Loaded images do have 3 channels despite using Grayscale transformation

As the title clearly describes, the images in the dataset I use do have 3 color channels despite they are grayscale. So, I used transforms.Grayscale(num_output_channels=1) transformation in order to reduce the number of color channels to 1, but still the loaded images do have 3 channels.

Here is my implementation:

data_transforms = transforms.Compose([
    transforms.Normalize(mean=[0.485, 0.456, 0.406],
                         std=[0.229, 0.224, 0.225])
face_train_dataset = datasets.ImageFolder(root=DEST_PATH_TRAIN, transform=data_transforms)

train_loader = DataLoader(face_train_dataset,
                          batch_size=train_batch_size, shuffle=True, num_workers=4)

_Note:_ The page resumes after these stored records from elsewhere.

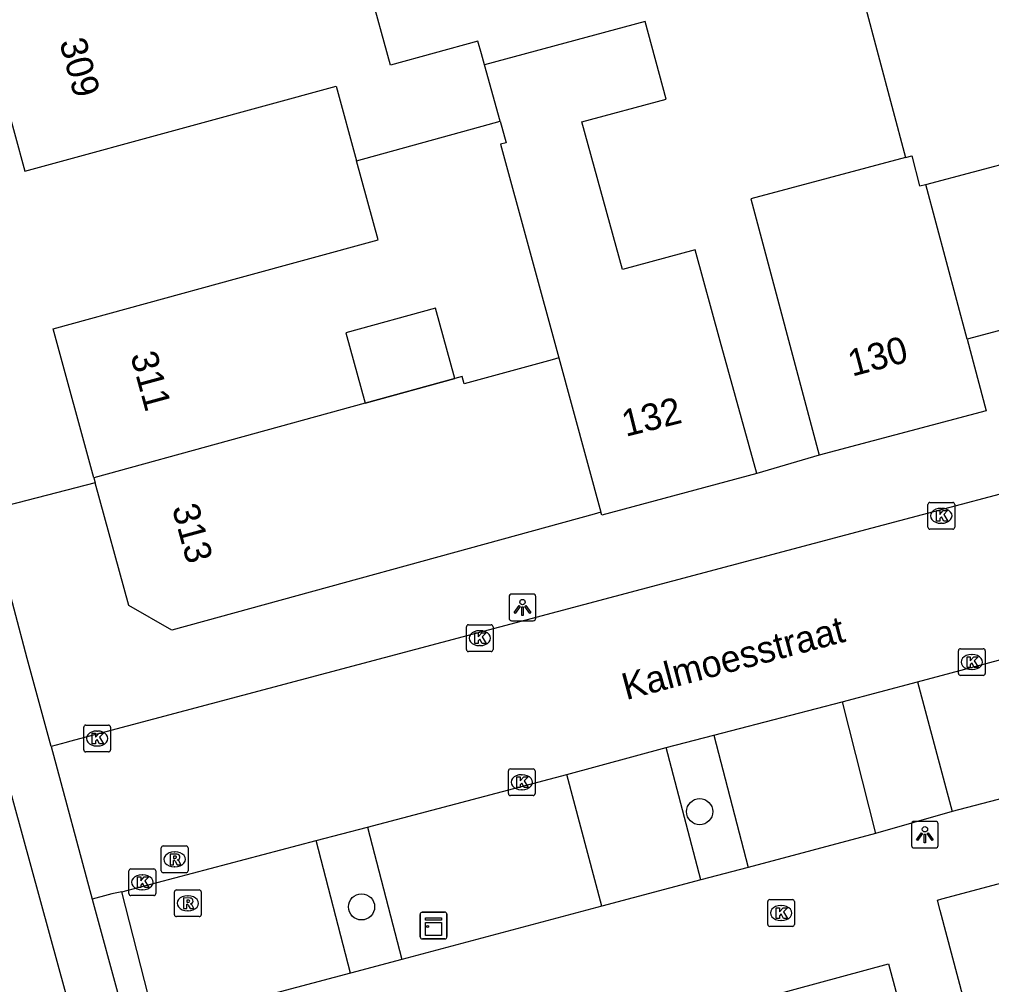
# Model space of a CAD drawing. Extents: x 162542 to 163144, y 380786 to 381511.
# Drawn here: x 162587.37 to 162623.75, y 381075.6 to 381111.73 of the extents above; entities that cross this region are included whole.
import ezdxf

# ---------------------------------------------------------------- set-up
doc = ezdxf.new("R2010")
doc.units = 0
for name, color, linetype in [('IMGEO_Boom', 7, 'Continuous'), ('IMGEO_Fietspad_gesloten', 7, 'Continuous'), ('IMGEO_Kast', 7, 'Continuous'), ('IMGEO_Kolk', 7, 'Continuous'), ('IMGEO_Lichtpunt', 7, 'Continuous'), ('IMGEO_Muur', 7, 'Continuous'), ('IMGEO_Openbare_ruimte_label', 7, 'Continuous'), ('IMGEO_Pand', 7, 'Continuous'), ('IMGEO_Pand_nummerreeks', 7, 'Continuous'), ('IMGEO_Pand_overbouw', 7, 'Continuous'), ('IMGEO_Parkeervlak_open', 7, 'Continuous'), ('IMGEO_Rijbaan_lokaal_open', 7, 'Continuous'), ('IMGEO_Rioolput', 7, 'Continuous'), ('IMGEO_Voetpad_open', 7, 'Continuous')]:
    doc.layers.add(name, color=color, linetype=linetype)

msp = doc.modelspace()

# ---------------------------------------------------------------- linework, layer by layer
at = {"layer": 'IMGEO_Boom'}
for centre in [(162612.822, 381082.077), (162600.169, 381078.511)]:
    msp.add_circle(centre, 0.489, dxfattribs=at)
at = {"layer": 'IMGEO_Fietspad_gesloten'}
msp.add_lwpolyline([(162627.119, 380935.366), (162613.988, 380983.443), (162609.049, 381001.918), (162603.581, 381022.358), (162590.197, 381071.276), (162588.809, 381076.324), (162582.093, 381100.864), (162580.289, 381107.447), (162569.546, 381146.716), (162569.494, 381146.907)], dxfattribs=at)
at = {"layer": 'IMGEO_Kast'}
for p, q in [((162602.362, 381077.388), (162602.362, 381078.229)), ((162602.362, 381078.229), (162602.362, 381077.388)), ((162602.437, 381078.313), (162603.278, 381078.313)), ((162603.278, 381078.313), (162602.437, 381078.313)), ((162603.362, 381078.238), (162603.362, 381077.397)), ((162603.362, 381077.397), (162603.362, 381078.238)), ((162603.287, 381077.313), (162602.446, 381077.313)), ((162602.446, 381077.313), (162603.287, 381077.313))]:
    msp.add_line(p, q, dxfattribs=at)
for points in [[(162602.557, 381078.103), (162603.157, 381078.103), (162603.157, 381078.018), (162602.557, 381078.018), (162602.557, 381078.103)], [(162602.557, 381077.928), (162603.157, 381077.928), (162603.157, 381077.439), (162602.557, 381077.439), (162602.557, 381077.928)]]:
    msp.add_lwpolyline(points, dxfattribs=at)
msp.add_circle((162602.641, 381077.777), 0.0377, dxfattribs=at)
for centre, start, end in [((162602.44, 381078.235), 92.4484, 184.2845), ((162602.44, 381078.235), 92.4484, 184.2845), ((162603.284, 381078.235), 2.4484, 94.2845), ((162603.284, 381078.235), 2.4484, 94.2845), ((162602.44, 381077.391), 182.4484, 274.2845), ((162602.44, 381077.391), 182.4484, 274.2845), ((162603.284, 381077.391), 272.4484, 4.2845), ((162603.284, 381077.391), 272.4484, 4.2845)]:
    msp.add_arc(centre, 0.0779, start, end, dxfattribs=at)
at = {"layer": 'IMGEO_Kolk'}
for p, q in [((162621.439, 381093.651), (162622.291, 381093.651)), ((162621.364, 381092.725), (162621.364, 381093.577)), ((162621.852, 381093.431), (162621.877, 381093.431)), ((162622.365, 381093.577), (162622.365, 381092.725)), ((162621.875, 381092.871), (162621.85, 381092.871)), ((162622.291, 381092.651), (162621.439, 381092.651)), ((162604.092, 381088.145), (162604.092, 381088.997)), ((162604.167, 381089.071), (162605.019, 381089.071)), ((162605.093, 381088.997), (162605.093, 381088.145)), ((162604.58, 381088.851), (162604.605, 381088.851)), ((162604.603, 381088.291), (162604.578, 381088.291)), ((162622.581, 381088.175), (162623.433, 381088.175)), ((162605.019, 381088.071), (162604.167, 381088.071)), ((162622.506, 381087.249), (162622.506, 381088.101)), ((162622.994, 381087.955), (162623.019, 381087.955)), ((162623.507, 381088.101), (162623.507, 381087.249)), ((162623.433, 381087.175), (162622.581, 381087.175)), ((162623.017, 381087.395), (162622.992, 381087.395)), ((162589.772, 381084.388), (162589.772, 381085.24)), ((162589.847, 381085.314), (162590.699, 381085.314)), ((162590.773, 381085.24), (162590.773, 381084.388)), ((162590.26, 381085.094), (162590.285, 381085.094)), ((162590.283, 381084.534), (162590.258, 381084.534)), ((162590.699, 381084.314), (162589.847, 381084.314)), ((162605.663, 381082.753), (162605.663, 381083.605)), ((162605.738, 381083.679), (162606.59, 381083.679)), ((162606.151, 381083.459), (162606.176, 381083.459)), ((162606.664, 381083.605), (162606.664, 381082.753)), ((162606.174, 381082.899), (162606.149, 381082.899)), ((162606.59, 381082.679), (162605.738, 381082.679)), ((162591.464, 381079.007), (162591.464, 381079.859)), ((162591.539, 381079.933), (162592.391, 381079.933)), ((162592.465, 381079.859), (162592.465, 381079.007)), ((162591.952, 381079.713), (162591.977, 381079.713)), ((162591.975, 381079.153), (162591.95, 381079.153)), ((162592.391, 381078.933), (162591.539, 381078.933)), ((162615.369, 381077.856), (162615.369, 381078.708)), ((162615.444, 381078.782), (162616.296, 381078.782)), ((162616.37, 381078.708), (162616.37, 381077.856)), ((162615.857, 381078.562), (162615.882, 381078.562)), ((162615.88, 381078.002), (162615.855, 381078.002)), ((162616.296, 381077.782), (162615.444, 381077.782))]:
    msp.add_line(p, q, dxfattribs=at)
for points in [[(162621.439, 381093.651), (162622.291, 381093.651)], [(162621.364, 381092.725), (162621.364, 381093.577)], [(162621.685, 381093.351), (162621.808, 381093.351), (162621.808, 381093.2), (162621.938, 381093.351), (162622.102, 381093.351), (162621.956, 381093.2), (162622.109, 381092.951), (162621.957, 381092.951), (162621.872, 381093.115), (162621.808, 381093.048), (162621.808, 381092.951), (162621.685, 381092.951), (162621.685, 381093.351)], [(162622.365, 381093.577), (162622.365, 381092.725)], [(162622.291, 381092.651), (162621.439, 381092.651)], [(162604.092, 381088.145), (162604.092, 381088.997)], [(162604.167, 381089.071), (162605.019, 381089.071)], [(162605.093, 381088.997), (162605.093, 381088.145)], [(162604.413, 381088.771), (162604.536, 381088.771), (162604.536, 381088.62), (162604.666, 381088.771), (162604.83, 381088.771), (162604.684, 381088.62), (162604.837, 381088.371), (162604.685, 381088.371), (162604.6, 381088.535), (162604.536, 381088.468), (162604.536, 381088.371), (162604.413, 381088.371), (162604.413, 381088.771)], [(162622.581, 381088.175), (162623.433, 381088.175)], [(162605.019, 381088.071), (162604.167, 381088.071)], [(162622.506, 381087.249), (162622.506, 381088.101)], [(162622.827, 381087.875), (162622.95, 381087.875), (162622.95, 381087.724), (162623.08, 381087.875), (162623.244, 381087.875), (162623.098, 381087.724), (162623.251, 381087.475), (162623.099, 381087.475), (162623.014, 381087.639), (162622.95, 381087.572), (162622.95, 381087.475), (162622.827, 381087.475), (162622.827, 381087.875)], [(162623.507, 381088.101), (162623.507, 381087.249)], [(162623.433, 381087.175), (162622.581, 381087.175)], [(162589.772, 381084.388), (162589.772, 381085.24)], [(162589.847, 381085.314), (162590.699, 381085.314)], [(162590.773, 381085.24), (162590.773, 381084.388)], [(162590.093, 381085.014), (162590.216, 381085.014), (162590.216, 381084.863), (162590.346, 381085.014), (162590.51, 381085.014), (162590.364, 381084.863), (162590.517, 381084.614), (162590.365, 381084.614), (162590.28, 381084.778), (162590.216, 381084.711), (162590.216, 381084.614), (162590.093, 381084.614), (162590.093, 381085.014)], [(162590.699, 381084.314), (162589.847, 381084.314)], [(162605.663, 381082.753), (162605.663, 381083.605)], [(162605.738, 381083.679), (162606.59, 381083.679)], [(162606.664, 381083.605), (162606.664, 381082.753)], [(162605.984, 381083.379), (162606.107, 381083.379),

If I run your code, I get the valid error:

RuntimeError: output with shape [1, 334, 690] doesn't match the broadcast shape [3, 334, 690]

which is thrown, since Grayscale returns a single-channel image, while Normalize uses three values.
Fixing the mean and std to a single value, yields valid output tensors of shape [batch_size, 1, 334, 690].

1 Like

Not that I was aware of, thanks @ptrblck. Thought it could still work as it was expected.

Between, after decreasing the number of channels of the images, which were already grayscale (8 bits depth images), the accuracy of the network has decreased dramatically. The only change was that. Are there any workarounds or point that I miss? @ptrblck

Are you sure the depth images are not stored in 16bit?

Anyway, are you training your model from scratch or finetuning a pretrained model?
Was the accuracy better when you loaded the depth images as 3-channel images?

Yes, here is the detail of an image (which is a sample image from the FER2013 dataset):


I have constructed my model from scratch, now trying to improve its accuracy. Yes, the accuracy was way better when I loaded the images as 3-channels as the accuracy has dropped to about 25% from 50%.